株式会社ゲンロンは2010年4月に創業しました(正確には創業時には「合同会社コンテクチュアズ」ですが、実質的には同じ会社なので、以後はとくに必要のない限りゲンロンの名称で統一します)。ですから、ゲンロンの10年には2010年代がそのまま重なっています。この時代は、SNSが社会に大きな影響力を与えるようになりました。2010年代はSNSの10年ともいえます。日本においてとくに影響力が強いのはTwitter です。
Twitter はアメリカで2006年に創業されました。日本語版が始まったのが2008年のことです。Facebook は2004年の創業で、日本語版の開始は同じく2008年になります。けれども、SNSが爆発的に普及するのは2010年代のことです。
日本で2010年代の始まりを告げた象徴的な出来事は、2011年3月11日の東日本大震災と東京電力福島第一原子力発電所事故です。この出来事は日本でSNSを普及させる原動力になりました。Twitter は震災を機に一気に普及したことが知られています。それは政治の風景も変えていきました。震災後は原発再稼働に反対する官邸前デモが起こり、2010年代後半にはSEALDs のような新しいデモのかたちを生み出していきます。それらはSNSがなければ存在しなかったでしょう。

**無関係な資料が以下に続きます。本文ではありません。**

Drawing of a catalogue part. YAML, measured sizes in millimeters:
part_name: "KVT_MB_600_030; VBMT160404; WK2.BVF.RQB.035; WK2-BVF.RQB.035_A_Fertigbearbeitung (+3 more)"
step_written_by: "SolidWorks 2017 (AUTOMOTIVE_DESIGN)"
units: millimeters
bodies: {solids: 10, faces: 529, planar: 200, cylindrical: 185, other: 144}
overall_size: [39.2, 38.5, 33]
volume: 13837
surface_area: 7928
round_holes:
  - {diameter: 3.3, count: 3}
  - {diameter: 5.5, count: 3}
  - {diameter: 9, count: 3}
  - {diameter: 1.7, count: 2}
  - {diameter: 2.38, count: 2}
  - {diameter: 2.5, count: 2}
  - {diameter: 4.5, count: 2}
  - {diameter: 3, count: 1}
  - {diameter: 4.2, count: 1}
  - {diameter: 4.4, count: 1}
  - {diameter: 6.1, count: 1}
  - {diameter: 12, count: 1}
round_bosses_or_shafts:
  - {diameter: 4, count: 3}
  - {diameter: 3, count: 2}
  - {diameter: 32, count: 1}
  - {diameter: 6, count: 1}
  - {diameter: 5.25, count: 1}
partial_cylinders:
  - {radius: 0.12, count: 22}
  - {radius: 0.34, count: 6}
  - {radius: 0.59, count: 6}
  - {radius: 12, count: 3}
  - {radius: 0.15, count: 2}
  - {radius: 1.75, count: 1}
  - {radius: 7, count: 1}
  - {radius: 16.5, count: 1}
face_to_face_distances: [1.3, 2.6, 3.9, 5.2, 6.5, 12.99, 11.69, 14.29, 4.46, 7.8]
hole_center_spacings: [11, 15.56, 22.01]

SNSと民主主義の結びつきがもたらす二面性が明らかになった
世界的には、2010年末から11年にかけていわゆる「アラブの春」が起きましたが、そこでもSNSが大きな役割を果たしました。他方で、SNSは各国で人々の分断も生み出しました。2010年代後半には、イギリスでEU離脱が国民投票によって決まり(2016年)、アメリカではトランプ政権が誕生する(2017年)など、市民の分断を印象づける出来事が相次ぎます。その背後にSNSが引き起こす政治的分極化があったことはいまではよく知られています。2019年には香港の民主化デモが話題になりましたが、あの大規模化もSNSがなければ考えられません。いまでは、体制側も反体制側も、みながSNSで動員合戦を繰り返す状況になっています。
SNSと民主主義が結びつくことには良い面が多くありました。けれども負の面もあった。その二面性が明らかになった10年でした。